Exercise input Block Start

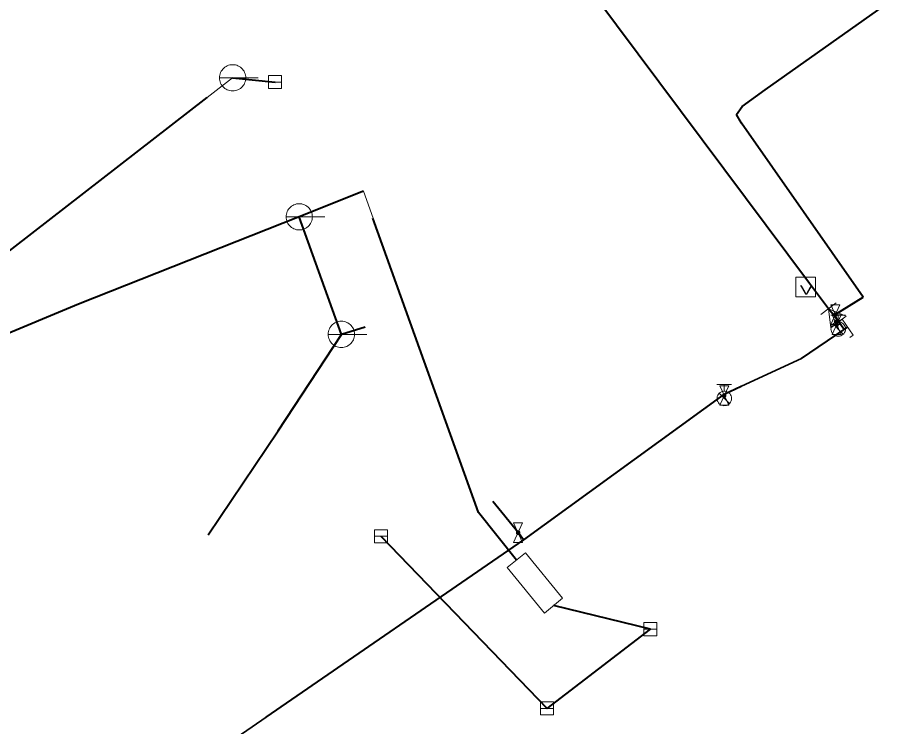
# Model space of a CAD drawing. Extents: x -968691 to -140888, y -1376050 to -879856.
# Drawn here: x -647594.9 to -647528.6, y -1059042.2 to -1058987.7 of the extents above; entities that cross this region are included whole.
import ezdxf
from ezdxf.enums import TextEntityAlignment as Align

# ---------------------------------------------------------------- set-up
doc = ezdxf.new("R2010")
doc.units = 0
doc.header["$LTSCALE"] = 4.8
for name, pattern in [('DASH_DOUBLE_DOT', [9.2, 5, -1.2, 0.3, -1.2, 0.3, -1.2]), ('DOTTED', [1.5, 0.3, -1.2]), ('LONG_DASHED', [7.5, 6, -1.5])]:
    doc.linetypes.add(name, pattern=pattern)
doc.layers.add('1', color=7, linetype='Continuous', lineweight=13)

msp = doc.modelspace()

# ---------------------------------------------------------------- hatches: boundary and pattern name
at = {"layer": '1'}
for points in [[(-647531.96, -1059010.546), (-647531.962, -1059010.522), (-647531.968, -1059010.499), (-647531.979, -1059010.477), (-647531.993, -1059010.458), (-647532.011, -1059010.441), (-647532.031, -1059010.428), (-647532.054, -1059010.419), (-647532.077, -1059010.415), (-647532.101, -1059010.414), (-647532.125, -1059010.418), (-647532.148, -1059010.426), (-647532.169, -1059010.438), (-647532.187, -1059010.454), (-647532.202, -1059010.473), (-647532.213, -1059010.494), (-647532.221, -1059010.517), (-647532.224, -1059010.541), (-647532.223, -1059010.565), (-647532.217, -1059010.588), (-647532.207, -1059010.61), (-647532.194, -1059010.63), (-647532.177, -1059010.647), (-647532.157, -1059010.661), (-647532.135, -1059010.671), (-647532.112, -1059010.677), (-647532.088, -1059010.678), (-647532.064, -1059010.675), (-647532.041, -1059010.668), (-647532.019, -1059010.656), (-647532, -1059010.642), (-647531.985, -1059010.623), (-647531.972, -1059010.603), (-647531.964, -1059010.58), (-647531.96, -1059010.556)], [(-647531.858, -1059011.31), (-647531.86, -1059011.287), (-647531.866, -1059011.265), (-647531.876, -1059011.244), (-647531.889, -1059011.225), (-647531.905, -1059011.208), (-647531.924, -1059011.195), (-647531.945, -1059011.186), (-647531.967, -1059011.18), (-647531.99, -1059011.178), (-647532.013, -1059011.18), (-647532.035, -1059011.186), (-647532.056, -1059011.195), (-647532.075, -1059011.208), (-647532.091, -1059011.225), (-647532.104, -1059011.244), (-647532.114, -1059011.265), (-647532.12, -1059011.287), (-647532.122, -1059011.31), (-647532.12, -1059011.333), (-647532.114, -1059011.355), (-647532.104, -1059011.376), (-647532.091, -1059011.395), (-647532.075, -1059011.411), (-647532.056, -1059011.424), (-647532.035, -1059011.434), (-647532.013, -1059011.44), (-647531.99, -1059011.442), (-647531.967, -1059011.44), (-647531.945, -1059011.434), (-647531.924, -1059011.424), (-647531.905, -1059011.411), (-647531.889, -1059011.395), (-647531.876, -1059011.376), (-647531.866, -1059011.355), (-647531.86, -1059011.333)], [(-647540.478, -1059016.75), (-647540.48, -1059016.726), (-647540.487, -1059016.703), (-647540.497, -1059016.681), (-647540.511, -1059016.662), (-647540.529, -1059016.645), (-647540.549, -1059016.632), (-647540.572, -1059016.623), (-647540.595, -1059016.619), (-647540.619, -1059016.618), (-647540.643, -1059016.622), (-647540.666, -1059016.63), (-647540.687, -1059016.642), (-647540.705, -1059016.658), (-647540.72, -1059016.677), (-647540.732, -1059016.698), (-647540.739, -1059016.721), (-647540.742, -1059016.745), (-647540.741, -1059016.769), (-647540.735, -1059016.792), (-647540.725, -1059016.814), (-647540.712, -1059016.834), (-647540.695, -1059016.851), (-647540.675, -1059016.865), (-647540.653, -1059016.875), (-647540.63, -1059016.881), (-647540.606, -1059016.882), (-647540.582, -1059016.879), (-647540.559, -1059016.872), (-647540.538, -1059016.861), (-647540.519, -1059016.846), (-647540.503, -1059016.827), (-647540.491, -1059016.807), (-647540.482, -1059016.784), (-647540.478, -1059016.76)], [(-647556.298, -1059027.28), (-647556.3, -1059027.256), (-647556.307, -1059027.233), (-647556.317, -1059027.211), (-647556.331, -1059027.192), (-647556.349, -1059027.175), (-647556.369, -1059027.162), (-647556.392, -1059027.153), (-647556.415, -1059027.149), (-647556.439, -1059027.148), (-647556.463, -1059027.152), (-647556.486, -1059027.16), (-647556.507, -1059027.172), (-647556.525, -1059027.188), (-647556.54, -1059027.207), (-647556.552, -1059027.228), (-647556.559, -1059027.251), (-647556.562, -1059027.275), (-647556.561, -1059027.299), (-647556.555, -1059027.322), (-647556.545, -1059027.344), (-647556.532, -1059027.364), (-647556.515, -1059027.381), (-647556.495, -1059027.395), (-647556.473, -1059027.405), (-647556.45, -1059027.411), (-647556.426, -1059027.412), (-647556.402, -1059027.409), (-647556.379, -1059027.402), (-647556.358, -1059027.391), (-647556.339, -1059027.376), (-647556.323, -1059027.357), (-647556.311, -1059027.337), (-647556.302, -1059027.314), (-647556.298, -1059027.29)]]:
    msp.add_hatch(color=256, dxfattribs=at).paths.add_polyline_path(points)

# ---------------------------------------------------------------- linework, layer by layer
for p, q in [((-647579.338, -1058992.37), (-647576.361, -1058992.37)), ((-647575.57, -1058992.7), (-647574.57, -1058992.7)), ((-647574.228, -1059003.04), (-647571.252, -1059003.04)), ((-647569.99, -1059012.06), (-647573.22, -1059003.04)), ((-647533.198, -1059010.535), (-647532.022, -1059009.645)), ((-647532.429, -1059010.581), (-647531.311, -1059010.581)), ((-647531.87, -1059011.092), (-647531.87, -1059010.581)), ((-647531.475, -1059012.046), (-647532.265, -1059011.255)), ((-647531.87, -1059011.65), (-647531.99, -1059011.31)), ((-647570.998, -1059012.06), (-647568.022, -1059012.06)), ((-647568.17, -1059011.5), (-647569.99, -1059012.06)), ((-647541.169, -1059015.91), (-647540.051, -1059015.91)), ((-647540.61, -1059016.422), (-647540.61, -1059015.91)), ((-647540.215, -1059017.375), (-647541.005, -1059016.585)), ((-647567.45, -1059027.56), (-647566.45, -1059027.56)), ((-647566.95, -1059027.56), (-647554.2, -1059040.77)), ((-647546.28, -1059034.69), (-647553.71, -1059032.885)), ((-647554.2, -1059040.77), (-647546.28, -1059034.69)), ((-647546.78, -1059034.69), (-647545.78, -1059034.69)), ((-647554.7, -1059040.77), (-647553.7, -1059040.77))]:
    msp.add_line(p, q, dxfattribs=at)
at = {"layer": '1', "linetype": 'DASH_DOUBLE_DOT', "lineweight": 40}
for p, q in [((-647569.99, -1059012.06), (-647573.22, -1059003.04)), ((-647532.184, -1059010.63), (-647532.092, -1059010.546)), ((-647568.17, -1059011.5), (-647569.99, -1059012.06)), ((-647540.61, -1059016.65), (-647556.01, -1059027.84)), ((-647556.01, -1059027.84), (-647594.1, -1059054.06)), ((-647566.95, -1059027.56), (-647554.2, -1059040.77)), ((-647546.28, -1059034.69), (-647553.71, -1059032.885)), ((-647554.2, -1059040.77), (-647546.28, -1059034.69))]:
    msp.add_line(p, q, dxfattribs=at)
at = {"layer": '1', "linetype": 'LONG_DASHED', "lineweight": 40}
for p, q in [((-647532.184, -1059010.63), (-647532.61, -1059010.09)), ((-647531.94, -1059010.94), (-647532.184, -1059010.63)), ((-647531.87, -1059011.65), (-647531.99, -1059011.31)), ((-647531.41, -1059011.69), (-647531.94, -1059010.94)), ((-647534.69, -1059013.91), (-647531.41, -1059011.69)), ((-647531.41, -1059011.69), (-647531.15, -1059011.51))]:
    msp.add_line(p, q, dxfattribs=at)
at = {"layer": '1', "lineweight": 35}
for p, q in [((-647532.184, -1059010.63), (-647532.61, -1059010.09)), ((-647532.184, -1059010.63), (-647532.092, -1059010.546)), ((-647531.94, -1059010.94), (-647532.184, -1059010.63)), ((-647531.41, -1059011.69), (-647531.94, -1059010.94)), ((-647534.69, -1059013.91), (-647531.41, -1059011.69)), ((-647531.41, -1059011.69), (-647531.15, -1059011.51)), ((-647540.61, -1059016.65), (-647534.69, -1059013.91)), ((-647540.61, -1059016.65), (-647556.01, -1059027.84)), ((-647556.01, -1059027.84), (-647594.1, -1059054.06))]:
    msp.add_line(p, q, dxfattribs=at)
at = {"layer": '1', "linetype": 'DOTTED', "lineweight": 40}
msp.add_line((-647540.61, -1059016.65), (-647534.69, -1059013.91), dxfattribs=at)
at = {"layer": '1', "linetype": 'DASH_DOUBLE_DOT'}
for p, q in [((-647555.86, -1059028.84), (-647557.26, -1059029.96)), ((-647553.01, -1059032.32), (-647555.86, -1059028.84))]:
    msp.add_line(p, q, dxfattribs=at)
at = {"layer": '1', "linetype": 'DASH_DOUBLE_DOT', "lineweight": 40}
for points in [[(-647532.092, -1059010.546), (-647529.959, -1059009.197), (-647539.29, -1058995.84), (-647539.66, -1058995.19), (-647539.24, -1058994.56), (-647537.46, -1058993.28), (-647528.4, -1058986.88), (-647516.03, -1058979.12), (-647519.65, -1058973.26), (-647530.64, -1058959.05), (-647535.07, -1058953.43), (-647549.25, -1058935.34), (-647563.74, -1058917.26), (-647562.952, -1058916.613)], [(-647599.27, -1059008.59), (-647578.33, -1058992.37), (-647575.07, -1058992.7)], [(-647556.56, -1059029.4), (-647559.46, -1059025.73), (-647568.3, -1059001.08), (-647573.22, -1059003.04)], [(-647573.22, -1059003.04), (-647590.165, -1059009.75), (-647603.21, -1059015.19), (-647607.28, -1059017.39)], [(-647580.22, -1059027.44), (-647574.83, -1059019.46), (-647569.99, -1059012.06)], [(-647540.61, -1059016.98), (-647540.61, -1059016.75), (-647540.61, -1059016.65)], [(-647556.01, -1059027.84), (-647556.43, -1059027.28), (-647558.36, -1059024.89)]]:
    msp.add_lwpolyline(points, dxfattribs=at)
at = {"layer": '1', "lineweight": 35}
msp.add_lwpolyline([(-647532.092, -1059010.546), (-647529.959, -1059009.197), (-647539.29, -1058995.84), (-647539.66, -1058995.19), (-647539.24, -1058994.56), (-647537.46, -1058993.28), (-647528.4, -1058986.88), (-647516.03, -1058979.12), (-647519.65, -1058973.26), (-647530.64, -1058959.05), (-647535.07, -1058953.43), (-647549.25, -1058935.34), (-647563.74, -1058917.26), (-647562.952, -1058916.613)], dxfattribs=at)
at = {"layer": '1', "linetype": 'LONG_DASHED', "lineweight": 40}
for points in [[(-647532.61, -1059010.09), (-647534.06, -1059008.17), (-647553.35, -1058982.32), (-647570.9, -1058971.33)], [(-647531.99, -1059011.31), (-647532.14, -1059011.07), (-647531.94, -1059010.94)]]:
    msp.add_lwpolyline(points, dxfattribs=at)
at = {"layer": '1'}
for points in [[(-647532.61, -1059010.09), (-647534.06, -1059008.17), (-647553.35, -1058982.32), (-647570.9, -1058971.33)], [(-647599.27, -1059008.59), (-647578.33, -1058992.37), (-647575.07, -1058992.7)], [(-647556.56, -1059029.4), (-647559.46, -1059025.73), (-647568.3, -1059001.08), (-647573.22, -1059003.04)], [(-647573.22, -1059003.04), (-647590.165, -1059009.75), (-647603.21, -1059015.19), (-647607.28, -1059017.39)], [(-647531.99, -1059011.31), (-647532.14, -1059011.07), (-647531.94, -1059010.94)], [(-647531.816, -1059011.053), (-647531.567, -1059010.886), (-647530.733, -1059012.134), (-647530.983, -1059012.3)], [(-647580.22, -1059027.44), (-647574.83, -1059019.46), (-647569.99, -1059012.06)], [(-647540.61, -1059016.98), (-647540.61, -1059016.75), (-647540.61, -1059016.65)], [(-647556.01, -1059027.84), (-647556.43, -1059027.28), (-647558.36, -1059024.89)]]:
    msp.add_lwpolyline(points, dxfattribs=at)
for points in [[(-647578.33, -1058991.362), (-647578.435, -1058991.368), (-647578.539, -1058991.384), (-647578.641, -1058991.411), (-647578.739, -1058991.449), (-647578.833, -1058991.497), (-647578.921, -1058991.554), (-647579.004, -1058991.621), (-647579.079, -1058991.696), (-647579.145, -1058991.778), (-647579.202, -1058991.865), (-647579.249, -1058991.96), (-647579.287, -1058992.059), (-647579.315, -1058992.16), (-647579.331, -1058992.265), (-647579.338, -1058992.37), (-647579.331, -1058992.475), (-647579.315, -1058992.58), (-647579.287, -1058992.682), (-647579.249, -1058992.78), (-647579.202, -1058992.873), (-647579.145, -1058992.963), (-647579.079, -1058993.045), (-647579.004, -1058993.119), (-647578.921, -1058993.185), (-647578.833, -1058993.243), (-647578.739, -1058993.291), (-647578.641, -1058993.329), (-647578.539, -1058993.356), (-647578.435, -1058993.372), (-647578.33, -1058993.378), (-647578.224, -1058993.372), (-647578.119, -1058993.356), (-647578.018, -1058993.329), (-647577.92, -1058993.291), (-647577.825, -1058993.243), (-647577.737, -1058993.185), (-647577.655, -1058993.119), (-647577.58, -1058993.045), (-647577.514, -1058992.963), (-647577.457, -1058992.873), (-647577.408, -1058992.78), (-647577.37, -1058992.682), (-647577.344, -1058992.58), (-647577.328, -1058992.475), (-647577.322, -1058992.37), (-647577.328, -1058992.265), (-647577.344, -1058992.16), (-647577.37, -1058992.059), (-647577.408, -1058991.96), (-647577.457, -1058991.865), (-647577.514, -1058991.778), (-647577.58, -1058991.696), (-647577.655, -1058991.621), (-647577.737, -1058991.554), (-647577.825, -1058991.497), (-647577.92, -1058991.449), (-647578.018, -1058991.411), (-647578.119, -1058991.384), (-647578.224, -1058991.368)], [(-647575.57, -1058993.2), (-647574.57, -1058993.2), (-647574.57, -1058992.2), (-647575.57, -1058992.2)], [(-647573.22, -1059002.032), (-647573.325, -1059002.038), (-647573.429, -1059002.054), (-647573.531, -1059002.082), (-647573.63, -1059002.12), (-647573.724, -1059002.167), (-647573.812, -1059002.225), (-647573.894, -1059002.291), (-647573.969, -1059002.366), (-647574.035, -1059002.448), (-647574.093, -1059002.536), (-647574.14, -1059002.63), (-647574.178, -1059002.729), (-647574.206, -1059002.831), (-647574.222, -1059002.935), (-647574.228, -1059003.04), (-647574.222, -1059003.145), (-647574.206, -1059003.25), (-647574.178, -1059003.352), (-647574.14, -1059003.45), (-647574.093, -1059003.544), (-647574.035, -1059003.633), (-647573.969, -1059003.715), (-647573.894, -1059003.789), (-647573.812, -1059003.855), (-647573.724, -1059003.913), (-647573.63, -1059003.961), (-647573.531, -1059003.999), (-647573.429, -1059004.026), (-647573.325, -1059004.042), (-647573.22, -1059004.048), (-647573.115, -1059004.042), (-647573.01, -1059004.026), (-647572.908, -1059003.999), (-647572.81, -1059003.961), (-647572.716, -1059003.913), (-647572.627, -1059003.855), (-647572.545, -1059003.789), (-647572.471, -1059003.715), (-647572.405, -1059003.633), (-647572.347, -1059003.544), (-647572.299, -1059003.45), (-647572.261, -1059003.352), (-647572.234, -1059003.25), (-647572.218, -1059003.145), (-647572.212, -1059003.04), (-647572.218, -1059002.935), (-647572.234, -1059002.831), (-647572.261, -1059002.729), (-647572.299, -1059002.63), (-647572.347, -1059002.536), (-647572.405, -1059002.448), (-647572.471, -1059002.366), (-647572.545, -1059002.291), (-647572.627, -1059002.225), (-647572.716, -1059002.167), (-647572.81, -1059002.12), (-647572.908, -1059002.082), (-647573.01, -1059002.054), (-647573.115, -1059002.038)], [(-647535.11, -1059009.18), (-647533.61, -1059009.18), (-647533.61, -1059007.68), (-647535.11, -1059007.68)], [(-647531.25, -1059010.664), (-647532.426, -1059011.555), (-647532.61, -1059010.09)], [(-647532.442, -1059009.796), (-647531.742, -1059009.796), (-647532.442, -1059011.296), (-647531.742, -1059011.296)], [(-647532.34, -1059010.56), (-647531.64, -1059010.56), (-647532.34, -1059012.06), (-647531.64, -1059012.06)], [(-647531.96, -1059010.546), (-647531.962, -1059010.522), (-647531.968, -1059010.499), (-647531.979, -1059010.477), (-647531.993, -1059010.458), (-647532.011, -1059010.441), (-647532.031, -1059010.428), (-647532.054, -1059010.419), (-647532.077, -1059010.415), (-647532.101, -1059010.414), (-647532.125, -1059010.418), (-647532.148, -1059010.426), (-647532.169, -1059010.438), (-647532.187, -1059010.454), (-647532.202, -1059010.473), (-647532.213, -1059010.494), (-647532.221, -1059010.517), (-647532.224, -1059010.541), (-647532.223, -1059010.565), (-647532.217, -1059010.588), (-647532.207, -1059010.61), (-647532.194, -1059010.63), (-647532.177, -1059010.647), (-647532.157, -1059010.661), (-647532.135, -1059010.671), (-647532.112, -1059010.677), (-647532.088, -1059010.678), (-647532.064, -1059010.675), (-647532.041, -1059010.668), (-647532.019, -1059010.656), (-647532, -1059010.642), (-647531.985, -1059010.623), (-647531.972, -1059010.603), (-647531.964, -1059010.58), (-647531.96, -1059010.556)], [(-647569.99, -1059011.052), (-647570.095, -1059011.058), (-647570.199, -1059011.074), (-647570.301, -1059011.102), (-647570.4, -1059011.14), (-647570.494, -1059011.187), (-647570.582, -1059011.245), (-647570.664, -1059011.311), (-647570.739, -1059011.386), (-647570.805, -1059011.468), (-647570.863, -1059011.556), (-647570.91, -1059011.65), (-647570.948, -1059011.749), (-647570.976, -1059011.851), (-647570.992, -1059011.955), (-647570.998, -1059012.06), (-647570.992, -1059012.165), (-647570.976, -1059012.27), (-647570.948, -1059012.372), (-647570.91, -1059012.47), (-647570.863, -1059012.564), (-647570.805, -1059012.653), (-647570.739, -1059012.735), (-647570.664, -1059012.809), (-647570.582, -1059012.875), (-647570.494, -1059012.933), (-647570.4, -1059012.981), (-647570.301, -1059013.019), (-647570.199, -1059013.046), (-647570.095, -1059013.062), (-647569.99, -1059013.068), (-647569.885, -1059013.062), (-647569.78, -1059013.046), (-647569.678, -1059013.019), (-647569.58, -1059012.981), (-647569.486, -1059012.933), (-647569.397, -1059012.875), (-647569.315, -1059012.809), (-647569.241, -1059012.735), (-647569.175, -1059012.653), (-647569.117, -1059012.564), (-647569.069, -1059012.47), (-647569.031, -1059012.372), (-647569.004, -1059012.27), (-647568.988, -1059012.165), (-647568.982, -1059012.06), (-647568.988, -1059011.955), (-647569.004, -1059011.851), (-647569.031, -1059011.749), (-647569.069, -1059011.65), (-647569.117, -1059011.556), (-647569.175, -1059011.468), (-647569.241, -1059011.386), (-647569.315, -1059011.311), (-647569.397, -1059011.245), (-647569.486, -1059011.187), (-647569.58, -1059011.14), (-647569.678, -1059011.102), (-647569.78, -1059011.074), (-647569.885, -1059011.058)], [(-647531.311, -1059011.651), (-647531.32, -1059011.554), (-647531.345, -1059011.46), (-647531.386, -1059011.372), (-647531.442, -1059011.292), (-647531.511, -1059011.223), (-647531.591, -1059011.167), (-647531.679, -1059011.126), (-647531.773, -1059011.101), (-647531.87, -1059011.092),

Exercise input Block End

• Work required
List the lines of the records where "color" occurs.

• Response to this task
doc.layers.add('1', color=7, linetype='Continuous', lineweight=13)
    msp.add_hatch(color=256, dxfattribs=at).paths.add_polyline_path(points)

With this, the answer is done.